Выбежал из комнаты, дробно простучал каблуками по коридору гостиницы, вошел в свой номер, не закрывая двери, достал из кобуры револьвер и выстрелил себе в висок…
Самойло посмотрел на тысячеголовое людское море, волнами катившее от станции под расчерченным красными пятнами знамен низким серым небом, и грустно усмехнулся: довольно странно выглядели бы сейчас лампасы на его толстых штанах нерпичьей кожи!
Эх, господи, сколько же в людях глупости, амбиций, предрассудков, которые для красоты и самооправдания называют традициями, убеждениями, представлениями. Долгом.
А долг-то перед Россией у них был один – вернуть ей Архангельск, северный порог большого дома Родины.
И низкий поклон судьбе, сердечное спасибо жизни, что довелось все это выстрадать, вынести, претерпеть. И победить.
Войти в этот старинный город, пинком вышвырнуть всю нечисть за дверь, которая столько веков соединяла Русь со всем остальным миром.
Войти с победоносной армией, которой ты бессменно командовал – от дня сегодняшнего счастья до тех уже незапамятно далеких дней поражений, отступлений, таких тяжелых потерь, почти полного разгрома, преодоленного в муках, боли и смерти и повернувшегося вчера окончательной победой.

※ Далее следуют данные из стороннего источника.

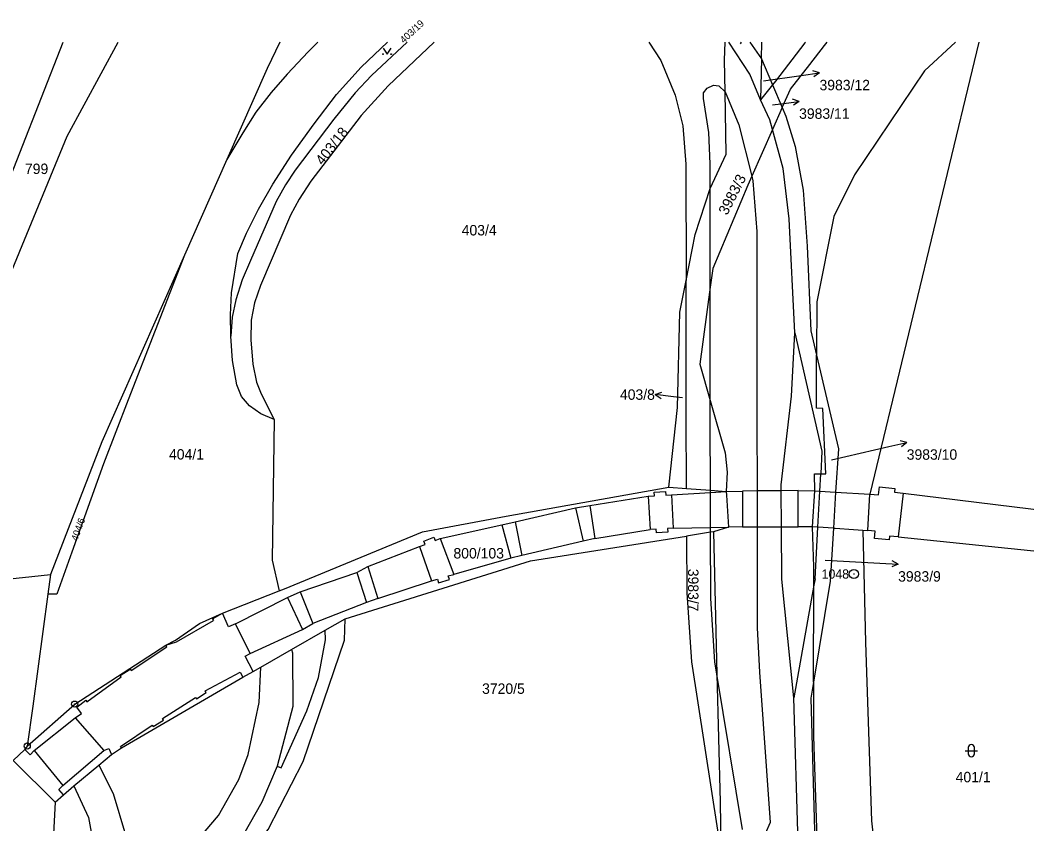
# Model space of a CAD drawing. Extents: x -747779 to -747197, y -965543 to -964919.
# Drawn here: x -747660.7 to -747496.8, y -965049.6 to -964918.7 of the extents above; entities that cross this region are included whole.
import ezdxf

# ---------------------------------------------------------------- set-up
doc = ezdxf.new("R2010")
doc.units = 0
for name, color, linetype in [('Hranice parcel', 7, 'Continuous'), ('Parcelní čísla', 7, 'Continuous'), ('Pop  PČ popisy', 7, 'Continuous'), ('Vnitřní kresba', 7, 'Continuous'), ('Značky bodu BP', 7, 'Continuous'), ('Značky kultur', 7, 'Continuous')]:
    doc.layers.add(name, color=color, linetype=linetype)

msp = doc.modelspace()

# ---------------------------------------------------------------- linework, layer by layer
at = {"layer": 'Hranice parcel'}
for p, q in [((-747539.99, -964924.99), (-747540.12, -964931.65)), ((-747539.99, -964924.99), (-747538.17, -964929.23)), ((-747538.17, -964929.23), (-747540.12, -964931.65)), ((-747538.17, -964929.23), (-747536.59, -964932.93)), ((-747536.59, -964932.93), (-747538.19, -964936.51)), ((-747626.99, -964941.37), (-747633.9, -964956.97)), ((-747555.06, -964994.76), (-747552.2, -964994.96))]:
    msp.add_line(p, q, dxfattribs=at)
for points in [[(-747681.46, -965000.29), (-747680.95, -964999.09), (-747672.35, -964972.3), (-747664.27, -964949.29), (-747653.66, -964922.25)], [(-747679.51, -965002.12), (-747679.42, -965001.69), (-747652.99, -964937.55), (-747644.69, -964922.25)], [(-747618.4, -964922.25), (-747620.44, -964926.57), (-747626.99, -964941.37)], [(-747612.2, -964922.25), (-747613.78, -964923.86), (-747617.18, -964927.46), (-747619.82, -964930.48), (-747622.28, -964933.68), (-747624.41, -964937.05), (-747626.99, -964941.37)], [(-747626.36, -964970.12), (-747626.42, -964966.65), (-747626.24, -964963.07), (-747625.23, -964956.7), (-747623.82, -964953.37), (-747621.85, -964949.45), (-747619.54, -964945.4), (-747616.5, -964940.69), (-747612.82, -964935.54), (-747609.15, -964930.81), (-747605.17, -964926.31), (-747600.85, -964922.25)], [(-747597.67, -964922.25), (-747603.48, -964927.68), (-747606.12, -964930.54), (-747609.57, -964934.8), (-747615.87, -964943.12), (-747617.46, -964945.5), (-747618.98, -964948.21), (-747623.16, -964957.81), (-747624.52, -964960.99), (-747625.54, -964964.21), (-747626.17, -964967.05), (-747626.36, -964970.12)], [(-747593.26, -964922.25), (-747600.76, -964929.37), (-747605.14, -964934.21), (-747613.35, -964944.89), (-747615.24, -964947.83), (-747616.64, -964950.46), (-747621.52, -964961.9), (-747622.5, -964964.72), (-747623.07, -964967.52), (-747623.12, -964970.73), (-747622.76, -964974.72), (-747622.16, -964977.65), (-747621.45, -964979.51), (-747619.33, -964983.74)], [(-747558.33, -964922.25), (-747556.34, -964925.25), (-747554.01, -964930.9), (-747552.8, -964935.88), (-747552.27, -964942.11), (-747552.26, -964961.06)], [(-747552.26, -964961.06), (-747550.79, -964953.59), (-747548.32, -964946.08), (-747545.72, -964940.48), (-747545.91, -964930.33), (-747546, -964925.2), (-747545.87, -964922.25)], [(-747540.12, -964931.65), (-747541.88, -964927.49), (-747545.31, -964922.25)], [(-747541.85, -964922.25), (-747539.99, -964924.99)], [(-747539.99, -964924.99), (-747539.94, -964922.25)], [(-747532.8, -964922.25), (-747532.89, -964922.36), (-747537.7, -964928.64), (-747538.17, -964929.23)], [(-747536.59, -964932.93), (-747535.26, -964929.94), (-747532.12, -964925.89), (-747529.73, -964922.8), (-747529.3, -964922.25)], [(-747508.39, -964922.25), (-747513.42, -964926.91), (-747524.82, -964943.86), (-747525.34, -964944.9), (-747527.79, -964949.82), (-747528.21, -964950.66), (-747530.97, -964964.56), (-747531.01, -964973.24)], [(-747538.19, -964936.51), (-747538.62, -964934.92), (-747540.12, -964931.65)], [(-747536.59, -964932.93), (-747535.99, -964934.33), (-747534.51, -964939.26), (-747533.21, -964946.39), (-747532.52, -964955.47), (-747531.93, -964969.25), (-747531.01, -964973.24)], [(-747538.19, -964936.51), (-747541.56, -964944.09), (-747542.21, -964945.54), (-747547.91, -964959.15), (-747548.32, -964962.14), (-747550.02, -964974.69), (-747548.31, -964980.62), (-747545.86, -964989.14), (-747545.55, -964992.32), (-747545.72, -964995.42)], [(-747513.05, -965203.34), (-747515.92, -965191.31), (-747520.21, -965170.52), (-747525.67, -965137.7), (-747528.61, -965118.1), (-747531.3, -965092.39), (-747532.87, -965073.71), (-747533.98, -965052.7), (-747534.7, -965029.05), (-747536.67, -965009.71), (-747536.72, -965001.18), (-747536.76, -964995.31), (-747536.77, -964994.35), (-747535.07, -964979.91), (-747534.55, -964969.6), (-747535.47, -964951.02), (-747536.46, -964942.86), (-747538.19, -964936.51)], [(-747633.9, -964956.97), (-747638.69, -964969.23), (-747643.08, -964980.52), (-747647.08, -964990.95), (-747652.25, -965005.33), (-747654.67, -965012.15), (-747656.14, -965012.16)], [(-747633.9, -964956.97), (-747647.36, -964987.37), (-747655.7, -965008.96), (-747656.14, -965012.16)], [(-747555.06, -964994.76), (-747553.66, -964981.74), (-747553.27, -964966.23), (-747552.26, -964961.06)], [(-747552.2, -964994.96), (-747552.24, -964983.14), (-747552.26, -964961.06)], [(-747619.33, -964983.74), (-747621.48, -964982.79), (-747623.33, -964981.51), (-747624.65, -964979.96), (-747625.39, -964978.05), (-747626.07, -964974.09), (-747626.36, -964970.12)], [(-747531.69, -965001.21), (-747531.31, -964995.33), (-747531.36, -964992.55), (-747530.33, -964992.56), (-747529.52, -964992.56), (-747530.01, -964981.9), (-747531.04, -964981.86), (-747531.01, -964973.24)], [(-747531.01, -964973.24), (-747527.46, -964988.49), (-747527.9, -964995.54), (-747528.26, -965001.42)], [(-747619.33, -964983.74), (-747619.61, -965006.6), (-747618.52, -965011.63)], [(-747618.52, -965011.63), (-747617.61, -965011.27), (-747595.16, -965002.01), (-747581.54, -964999.46), (-747555.06, -964994.76)], [(-747552.2, -964994.96), (-747548.28, -964995.24), (-747545.72, -964995.42)], [(-747545.72, -964995.42), (-747545.68, -964996.06), (-747545.36, -965001.27), (-747547.8, -965002.01)], [(-747547.8, -965002.01), (-747548.27, -965002.08), (-747552.17, -965002.7)], [(-747547.8, -965002.01), (-747547.22, -965025.19), (-747546.7, -965046.04), (-747546.54, -965056.95)], [(-747531.5, -965026.48), (-747531.44, -965010.69), (-747531.43, -965007.69), (-747531.69, -965001.21)], [(-747528.26, -965001.42), (-747530.8, -965001.26), (-747531.69, -965001.21)], [(-747528.26, -965001.42), (-747528.79, -965010.06), (-747531.5, -965026.48)], [(-747528.26, -965001.42), (-747527.97, -965001.44), (-747524.98, -965001.63), (-747523.47, -965001.72), (-747523.04, -965020.06), (-747522.04, -965049.05), (-747520.57, -965062.57), (-747513.95, -965097.88), (-747505.52, -965130.78), (-747493.77, -965163.26), (-747487.95, -965176.49)], [(-747607.76, -965016.2), (-747577.6, -965006.72), (-747552.17, -965002.7)], [(-747552.17, -965002.7), (-747552.14, -965011.96), (-747551.37, -965023.19), (-747547.13, -965050.59), (-747546.54, -965056.95)], [(-747659.51, -965036.9), (-747651.78, -965030.07), (-747636.97, -965020.46), (-747635.38, -965019.64), (-747631.49, -965016.92), (-747627.72, -965015.27), (-747618.52, -965011.63)], [(-747656.14, -965012.16), (-747658.62, -965030.4), (-747659.51, -965036.9)], [(-747654.95, -965046.06), (-747653.6, -965044.82), (-747651.92, -965043.4), (-747647.86, -965039.99), (-747645.81, -965038.26), (-747644.18, -965037.21), (-747624.43, -965025.68), (-747622.72, -965024.74), (-747621.47, -965024.03), (-747616.49, -965021.18), (-747610.98, -965018.03), (-747607.76, -965016.2)], [(-747638.39, -965075.25), (-747631.31, -965064.26), (-747625.79, -965057.37), (-747620.28, -965050.49), (-747614.58, -965039.39), (-747607.88, -965019.66), (-747607.76, -965016.2)], [(-747531.5, -965026.48), (-747531.53, -965035.27), (-747530.45, -965066.92)], [(-747659.51, -965036.9), (-747659.91, -965037.48), (-747661.82, -965039.23), (-747654.95, -965046.06)], [(-747654.95, -965046.06), (-747656.17, -965068.62), (-747656.64, -965070.56)]]:
    msp.add_lwpolyline(points, dxfattribs=at)
at = {"layer": 'Pop  PČ popisy'}
for p, q in [((-747543.4, -964922.54), (-747543.22, -964922.25)), ((-747539.65, -964928.55), (-747533.5, -964927.69)), ((-747533.5, -964927.69), (-747530.53, -964927.27)), ((-747530.53, -964927.27), (-747531.59, -964926.92)), ((-747530.53, -964927.27), (-747531.45, -964927.91)), ((-747533.85, -964931.93), (-747534.91, -964931.56)), ((-747538.17, -964932.47), (-747536.83, -964932.3)), ((-747536.83, -964932.3), (-747533.85, -964931.93)), ((-747533.85, -964931.93), (-747534.78, -964932.55)), ((-747557.26, -964979.65), (-747556.2, -964979.28)), ((-747554.28, -964980.02), (-747557.26, -964979.65)), ((-747557.26, -964979.65), (-747556.33, -964980.27)), ((-747552.81, -964980.19), (-747554.28, -964980.02)), ((-747519.25, -964988.11), (-747516.33, -964987.44)), ((-747516.33, -964987.44), (-747517.41, -964987.17)), ((-747516.33, -964987.44), (-747517.19, -964988.15)), ((-747528.58, -964990.26), (-747519.25, -964988.11)), ((-747529.59, -965006.64), (-747520.73, -965007.13)), ((-747520.73, -965007.13), (-747517.73, -965007.29)), ((-747517.73, -965007.29), (-747518.71, -965006.73)), ((-747517.73, -965007.29), (-747518.76, -965007.73))]:
    msp.add_line(p, q, dxfattribs=at)
at = {"layer": 'Vnitřní kresba'}
for p, q in [((-747504.6, -964922.25), (-747522.32, -964995.87)), ((-747549.39, -964930.54), (-747548.81, -964929.74)), ((-747548.81, -964929.74), (-747547.79, -964929.28)), ((-747547.79, -964929.28), (-747546.93, -964929.4)), ((-747546.93, -964929.4), (-747545.91, -964930.33)), ((-747549.42, -964931.45), (-747549.39, -964930.54)), ((-747548.55, -964936.99), (-747549.42, -964931.45)), ((-747545.91, -964930.33), (-747543.68, -964935.74)), ((-747543.68, -964935.74), (-747541.56, -964944.09)), ((-747548.32, -964942.08), (-747548.55, -964936.99)), ((-747548.32, -964946.08), (-747548.32, -964942.08)), ((-747541.56, -964944.09), (-747541.37, -964944.85)), ((-747541.37, -964944.85), (-747540.75, -964953.1)), ((-747548.32, -964962.14), (-747548.32, -964946.08)), ((-747540.75, -964953.1), (-747540.71, -964983.81)), ((-747548.31, -964980.62), (-747548.32, -964962.14)), ((-747534.55, -964969.6), (-747530.13, -964988.87)), ((-747548.31, -964984.22), (-747548.31, -964980.62)), ((-747548.28, -964995.24), (-747548.31, -964984.22)), ((-747540.71, -964983.81), (-747540.69, -964995.35)), ((-747530.13, -964988.87), (-747530.33, -964992.56)), ((-747530.48, -964995.38), (-747530.33, -964992.56)), ((-747557.43, -964995.56), (-747555.6, -964995.46)), ((-747557.4, -964996.16), (-747557.43, -964995.56)), ((-747555.6, -964995.46), (-747555.57, -964996.06)), ((-747554.65, -964996.01), (-747548.28, -964995.59)), ((-747548.28, -964995.59), (-747548.28, -964995.24)), ((-747548.28, -964995.59), (-747545.72, -964995.42)), ((-747548.27, -965001.32), (-747548.28, -964995.59)), ((-747545.72, -964995.42), (-747543.05, -964995.37)), ((-747540.69, -964995.35), (-747543.05, -964995.37)), ((-747543.05, -964995.37), (-747543.05, -965001.2)), ((-747536.76, -964995.31), (-747540.69, -964995.35)), ((-747540.69, -964995.35), (-747540.68, -965001.19)), ((-747534.01, -964995.28), (-747536.76, -964995.31)), ((-747534.01, -964995.28), (-747531.31, -964995.33)), ((-747534, -965001.17), (-747534.01, -964995.28)), ((-747531.31, -964995.33), (-747530.48, -964995.38)), ((-747530.8, -965001.26), (-747530.48, -964995.38)), ((-747530.48, -964995.38), (-747527.9, -964995.54)), ((-747527.9, -964995.54), (-747522.32, -964995.87)), ((-747520.9, -964996), (-747520.78, -964994.66)), ((-747520.78, -964994.66), (-747518.27, -964994.94)), ((-747518.27, -964994.94), (-747518.34, -964995.57)), ((-747518.34, -964995.57), (-747516.92, -964995.72)), ((-747516.92, -964995.72), (-747517.7, -965002.84)), ((-747516.92, -964995.72), (-747483.5, -964999.8)), ((-747567.93, -964997.71), (-747558.4, -964996.22)), ((-747558.4, -964996.22), (-747557.4, -964996.16)), ((-747558.4, -964996.22), (-747558.11, -965001.64)), ((-747555.57, -964996.06), (-747554.65, -964996.01)), ((-747554.65, -964996.01), (-747554.35, -965001.43)), ((-747522.65, -965001.77), (-747522.32, -964995.87)), ((-747522.32, -964995.87), (-747520.9, -964996)), ((-747580.1, -965000.39), (-747570.24, -964998.12)), ((-747570.24, -964998.12), (-747567.93, -964997.71)), ((-747570.24, -964998.12), (-747569.01, -965003.51)), ((-747567.93, -964997.71), (-747567.11, -965003.07)), ((-747582.26, -965000.88), (-747580.1, -965000.39)), ((-747580.1, -965000.39), (-747579, -965005.85)), ((-747592.28, -965003.07), (-747582.26, -965000.88)), ((-747582.26, -965000.88), (-747580.76, -965006.28)), ((-747567.11, -965003.07), (-747558.11, -965001.64)), ((-747557.11, -965001.58), (-747558.11, -965001.64)), ((-747557.07, -965002.18), (-747557.11, -965001.58)), ((-747555.24, -965002.08), (-747557.07, -965002.18)), ((-747554.35, -965001.43), (-747555.27, -965001.48)), ((-747555.27, -965001.48), (-747555.24, -965002.08)), ((-747554.35, -965001.43), (-747548.27, -965001.32)), ((-747548.27, -965001.32), (-747545.36, -965001.27)), ((-747548.27, -965002.08), (-747548.27, -965001.32)), ((-747548.24, -965012.85), (-747548.27, -965002.08)), ((-747543.05, -965001.2), (-747545.36, -965001.27)), ((-747543.05, -965001.2), (-747540.68, -965001.19)), ((-747540.68, -965001.19), (-747536.72, -965001.18)), ((-747540.68, -965001.19), (-747540.66, -965017.65)), ((-747536.72, -965001.18), (-747534, -965001.17)), ((-747531.69, -965001.21), (-747534, -965001.17)), ((-747531.26, -965009.67), (-747530.8, -965001.26)), ((-747523.47, -965001.72), (-747522.65, -965001.77)), ((-747521.48, -965001.88), (-747522.65, -965001.77)), ((-747521.6, -965003.09), (-747521.48, -965001.88)), ((-747594.96, -965003.52), (-747593.32, -965002.86)), ((-747594.74, -965004.05), (-747594.96, -965003.52)), ((-747593.32, -965002.86), (-747593.1, -965003.4)), ((-747593.1, -965003.4), (-747592.28, -965003.07)), ((-747592.28, -965003.07), (-747590.07, -965008.94)), ((-747569.01, -965003.51), (-747579, -965005.85)), ((-747567.11, -965003.07), (-747569.01, -965003.51)), ((-747519.2, -965003.29), (-747521.6, -965003.09)), ((-747519.14, -965002.69), (-747519.2, -965003.29)), ((-747517.7, -965002.84), (-747519.14, -965002.69)), ((-747517.7, -965002.84), (-747483.98, -965006.3)), ((-747604.05, -965007.65), (-747595.65, -965004.42)), ((-747595.65, -965004.42), (-747594.74, -965004.05)), ((-747595.65, -965004.42), (-747593.68, -965010)), ((-747580.76, -965006.28), (-747590.07, -965008.94)), ((-747579, -965005.85), (-747580.76, -965006.28)), ((-747615.1, -965011.79), (-747605.87, -965008.63)), ((-747605.87, -965008.63), (-747604.05, -965007.65)), ((-747605.87, -965008.63), (-747604.26, -965013.51)), ((-747604.05, -965007.65), (-747602.44, -965012.85)), ((-747665.29, -965009.95), (-747655.7, -965008.96)), ((-747602.44, -965012.85), (-747593.68, -965010)), ((-747593.68, -965010), (-747592.71, -965009.72)), ((-747592.71, -965009.72), (-747592.54, -965010.29)), ((-747592.54, -965010.29), (-747590.79, -965009.77)), ((-747590.96, -965009.2), (-747590.07, -965008.94)), ((-747590.79, -965009.77), (-747590.96, -965009.2)), ((-747531.26, -965009.67), (-747531.44, -965010.69)), ((-747617.14, -965012.71), (-747615.1, -965011.79)), ((-747615.1, -965011.79), (-747613, -965016.92)), ((-747531.44, -965010.69), (-747534.7, -965029.05)), ((-747625.62, -965016.99), (-747617.14, -965012.71)), ((-747617.14, -965012.71), (-747614.7, -965017.92)), ((-747604.26, -965013.51), (-747613, -965016.92)), ((-747602.44, -965012.85), (-747604.26, -965013.51)), ((-747547.55, -965023.19), (-747548.24, -965012.85)), ((-747629.36, -965016.2), (-747627.72, -965015.27)), ((-747626.73, -965017.49), (-747627.72, -965015.27)), ((-747635.23, -965019.9), (-747629.21, -965016.46)), ((-747629.36, -965016.2), (-747629.21, -965016.46)), ((-747625.62, -965016.99), (-747626.73, -965017.49)), ((-747623.23, -965021.83), (-747625.62, -965016.99)), ((-747614.7, -965017.92), (-747613, -965016.92)), ((-747623.23, -965021.83), (-747614.7, -965017.92)), ((-747610.94, -965019.58), (-747610.98, -965018.03)), ((-747540.66, -965017.65), (-747540.29, -965024.86)), ((-747636.97, -965020.46), (-747635.23, -965019.9)), ((-747612.11, -965025.74), (-747610.94, -965019.58)), ((-747642.6, -965024.61), (-747636.8, -965020.72)), ((-747636.8, -965020.72), (-747636.97, -965020.46)), ((-747624.04, -965022.26), (-747623.23, -965021.83)), ((-747616.49, -965021.18), (-747616.34, -965021.72)), ((-747616.34, -965021.72), (-747616.27, -965030.48)), ((-747622.72, -965024.74), (-747624.04, -965022.26)), ((-747547.22, -965025.19), (-747547.55, -965023.19)), ((-747644.37, -965025.4), (-747642.77, -965024.36)), ((-747642.77, -965024.36), (-747642.6, -965024.61)), ((-747630.54, -965027.93), (-747624.85, -965024.89)), ((-747624.85, -965024.89), (-747624.43, -965025.68)), ((-747621.74, -965029.81), (-747621.47, -965024.03)), ((-747543.06, -965050.51), (-747547.22, -965025.19)), ((-747540.29, -965024.86), (-747538.54, -965049.36)), ((-747649.78, -965029.68), (-747644.19, -965025.64)), ((-747644.19, -965025.64), (-747644.37, -965025.4)), ((-747613.98, -965031.17), (-747612.11, -965025.74)), ((-747531.5, -965026.48), (-747531.93, -965029.1)), ((-747631.93, -965029.22), (-747630.4, -965028.2)), ((-747630.4, -965028.2), (-747630.54, -965027.93)), ((-747651.42, -965030.58), (-747649.96, -965029.43)), ((-747649.96, -965029.43), (-747649.78, -965029.68)), ((-747637.48, -965032.43), (-747632.09, -965028.97)), ((-747632.09, -965028.97), (-747631.93, -965029.22)), ((-747623.53, -965038.25), (-747621.74, -965029.81)), ((-747531.93, -965029.1), (-747531.31, -965052.62)), ((-747651.71, -965032.3), (-747650.7, -965031.58)), ((-747650.7, -965031.58), (-747651.42, -965030.58)), ((-747616.27, -965030.48), (-747618.82, -965040.15)), ((-747618.17, -965040.45), (-747613.98, -965031.17)), ((-747658.37, -965037.62), (-747651.71, -965032.3)), ((-747651.71, -965032.3), (-747647.03, -965037.64)), ((-747639, -965033.71), (-747637.32, -965032.68)), ((-747637.32, -965032.68), (-747637.48, -965032.43)), ((-747644.34, -965036.97), (-747639.17, -965033.47)), ((-747639.17, -965033.47), (-747639, -965033.71)), ((-747659.91, -965037.48), (-747659.04, -965038.32)), ((-747659.04, -965038.32), (-747658.37, -965037.62)), ((-747658.37, -965037.62), (-747653.69, -965043.34)), ((-747653.69, -965043.34), (-747647.03, -965037.64)), ((-747647.03, -965037.64), (-747646.21, -965037.3)), ((-747646.21, -965037.3), (-747645.81, -965038.26)), ((-747644.18, -965037.21), (-747644.34, -965036.97)), ((-747625.06, -965042.37), (-747623.53, -965038.25)), ((-747647.86, -965039.99), (-747645.5, -965044.62)), ((-747618.82, -965040.15), (-747621.32, -965046.05)), ((-747618.82, -965040.15), (-747618.17, -965040.45)), ((-747628.37, -965048.23), (-747625.06, -965042.37)), ((-747654.38, -965043.96), (-747653.69, -965043.34)), ((-747653.6, -965044.82), (-747654.38, -965043.96)), ((-747651.92, -965043.4), (-747649.51, -965048.56)), ((-747645.5, -965044.62), (-747643.49, -965051.37)), ((-747621.32, -965046.05), (-747624.28, -965051.28)), ((-747649.51, -965048.56), (-747648.13, -965056.14)), ((-747635.12, -965056.13), (-747628.37, -965048.23)), ((-747538.54, -965049.36), (-747539.35, -965051.18))]:
    msp.add_line(p, q, dxfattribs=at)
at = {"layer": 'Značky bodu BP'}
for centre, radius in [((-747524.93, -965008.88), 0.75), ((-747524.93, -965008.88), 0.03), ((-747651.78, -965030.07), 0.5), ((-747651.78, -965030.07), 0.0303), ((-747659.51, -965036.9), 0.5), ((-747659.51, -965036.9), 0.0303)]:
    msp.add_circle(centre, radius, dxfattribs=at)
at = {"layer": 'Značky kultur'}
for p, q in [((-747506.82, -965037.65), (-747504.82, -965037.65)), ((-747506.32, -965037.15), (-747506.32, -965038.15)), ((-747505.32, -965038.15), (-747505.32, -965037.15))]:
    msp.add_line(p, q, dxfattribs=at)
msp.add_lwpolyline([(-747601.59, -964923.22), (-747600.92, -964924.23), (-747600.25, -964923.22)], dxfattribs=at)
for centre in [(-747601.59, -964924.23), (-747600.25, -964924.23)]:
    msp.add_circle(centre, 0.067, dxfattribs=at)
for centre, start, end in [((-747505.82, -965037.15), 0, 180), ((-747505.82, -965038.15), 180, 359.9879)]:
    msp.add_arc(centre, 0.5, start, end, dxfattribs=at)

# ---------------------------------------------------------------- texts
at = {"layer": 'Parcelní čísla'}
for s, height, rotation, p in [('403/19', 1.139, 43, (-747598.2, -964922.53)), ('403/18', 1.7, 52, (-747611.4, -964942.43)), ('3983/3', 1.7, 63, (-747545.56, -964950.55)), ('404/6', 1.139, 70, (-747651.35, -965003.58)), ('3983/7', 1.7, 270, (-747551.93, -965008.03))]:
    msp.add_text(s, height=height, rotation=rotation, dxfattribs=at).set_placement(p)
for s, p in [('3983/12', (-747530.53, -964930.1)), ('3983/11', (-747533.85, -964934.75)), ('799', (-747659.88, -964943.74)), ('403/4', (-747588.78, -964953.74)), ('403/8', (-747563.02, -964980.51)), ('404/1', (-747636.43, -964990.24)), ('3983/10', (-747516.33, -964990.27)), ('800/103', (-747590.12, -965006.35)), ('3983/9', (-747517.73, -965010.12)), ('3720/5', (-747585.46, -965028.4)), ('401/1', (-747508.36, -965042.8))]:
    msp.add_text(s, height=1.7, dxfattribs=at).set_placement(p)
at = {"layer": 'Značky bodu BP'}
msp.add_text('1048', height=1.5, dxfattribs=at).set_placement((-747530.18, -965009.63))

doc.saveas('drawing.dxf')

Армия-победительница входила в Архангельск: от станции железной дороги катил поток по улицам города, маршировали, перебравшись через разломанный лед Маймаксы, батальоны от Новодвинска, и мягко ступали охотничьи отряды от Неноксы и Няндомы, шел Холмогорский дивизион, вразвалку топала матросская пулеметная команда, четко печатали шаг бойцы непобедимого Шенкурского полка.
Шли победители – в истертых шинелях, прожженных у костров, в порыжелых бушлатах, зипунах, заношенных азямах, изодранных тулупах, затерханных городских пальтишках. В валенках, чунях, подвязанных веревками сапогах, ботах-«котах» и вечных самонадежных лаптях.
Армия заканчивала свою огромную изнурительную войну. Армия шла по запущенному, занесенному сугробами Троицкому проспекту, мимо некогда богатой и нарядной Немецкой слободы, мимо полусожженного здания Думы, мимо кафедрального собора – одного из самых красивых и светлых соборов России.
Армия шла по берегу Северной Двины, мимо парадного памятника Петру Первому.
Царь-плотник, неутомимый устроитель земли своей, стоял, вглядываясь в недалекое Белое море, торжественный, в орденской ленте, при звезде, перчатка за поясом, в руке подзорная труба.
Самойло остановил лошадь около памятника, долго смотрел на Петра, потом с сомнением покачал головой: вряд ли видела архангельская земля своего неутомимого царя в таком наряде. Он всегда приезжал сюда в трудные времена, и всегда для тяжелой работы и для очень непростых решений.